YPG yönetim kadrolarının da zaman kazanma, zamana oynama politikasını da bırakması lazım. Bekledikleri karışıklık çıkmayacak. Çıksa bile onların istediği bir sonuç hiçbir zaman gerçekleşmeyecek. Yol yakınken Kürt kardeşlerimizi daha fazla riske atmakta, onların geleceklerini rehin almaktan çıkmaları lazım. Bölgede yeni bir dönem var, yeni bir ruh var. Türkiye'de yeni bir ruh var, dönem var, olumlu bir süreç var. Bunlardan olumlu bir şekilde istifade etmek lazım. Kusura bakmayın, kimse enayi değil, biz enayi değiliz. Biz bu süreçlere büyük bir iyi niyetle yaklaşıyoruz diye sizin orada ortaya koyduğunuz küçük kurnazlıkları görmüyor değiliz. Ama büyük devlet olmanın, büyük bir amaca hizmet etmenin de bir kuralı var, onu yapıyoruz sadece. Ama sizi tekrar buradan uyarıyorum, davet ediyoruz. Durduğunuz yer halihazırda yer değil, bunu değiştirin artık. Suriye'yi beraber nasıl inşa edeceğinizi düşünün. Önemli olan bu.

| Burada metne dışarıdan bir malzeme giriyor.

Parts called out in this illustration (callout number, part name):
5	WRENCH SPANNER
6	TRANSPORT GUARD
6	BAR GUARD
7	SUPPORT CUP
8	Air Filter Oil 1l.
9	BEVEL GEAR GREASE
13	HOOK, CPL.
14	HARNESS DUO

“Türkiye'nin güvenlik taleplerinin tatmin edilmediği bir ortamda rahat durma şansımız”

Bizim tek derdimiz Suriye'deki bütün etnisiteler, bütün inanışlar Suriye'nin birliği bütünlüğü içerisinde kimseye tehdit oluşturmadan, hiçbir ülkenin sınırına göz dikmeden, hiçbir ülkeden kendi topraklarında terörist unsur, silahlı unsur bulundurmadan hayatlarına devam etsinler. Türkiye'nin istediği bu. Türkiye bölgede bir işgal ve dominasyon peşinde değil ama Türkiye'nin güvenlik taleplerinin tatmin edilmediği bir ortamda bizim burada rahat durma şansımız da yok. Bunu da açıkça söylüyoruz. Cumhurbaşkanımız da defalarca bunu ifade ettiler. Bizim bir numaralı siyasi refleksimiz her zaman için barış, sulh, iyi niyet, yapıcı bir yaklaşım.

YPG yönetimi, Şam yönetimi ile olumlu bir angajmana girsinler. Suriye'nin geleceğini beraber inşa etmek için ellerinden geleni yapsınlar. Oradaki silahlı unsurlarla dünyadan topladıkları bir ton teröristle Türkiye ve bölge için tehdit olmaktan çıkarsınlar kendilerini bir an önce. Biz bunu istiyoruz.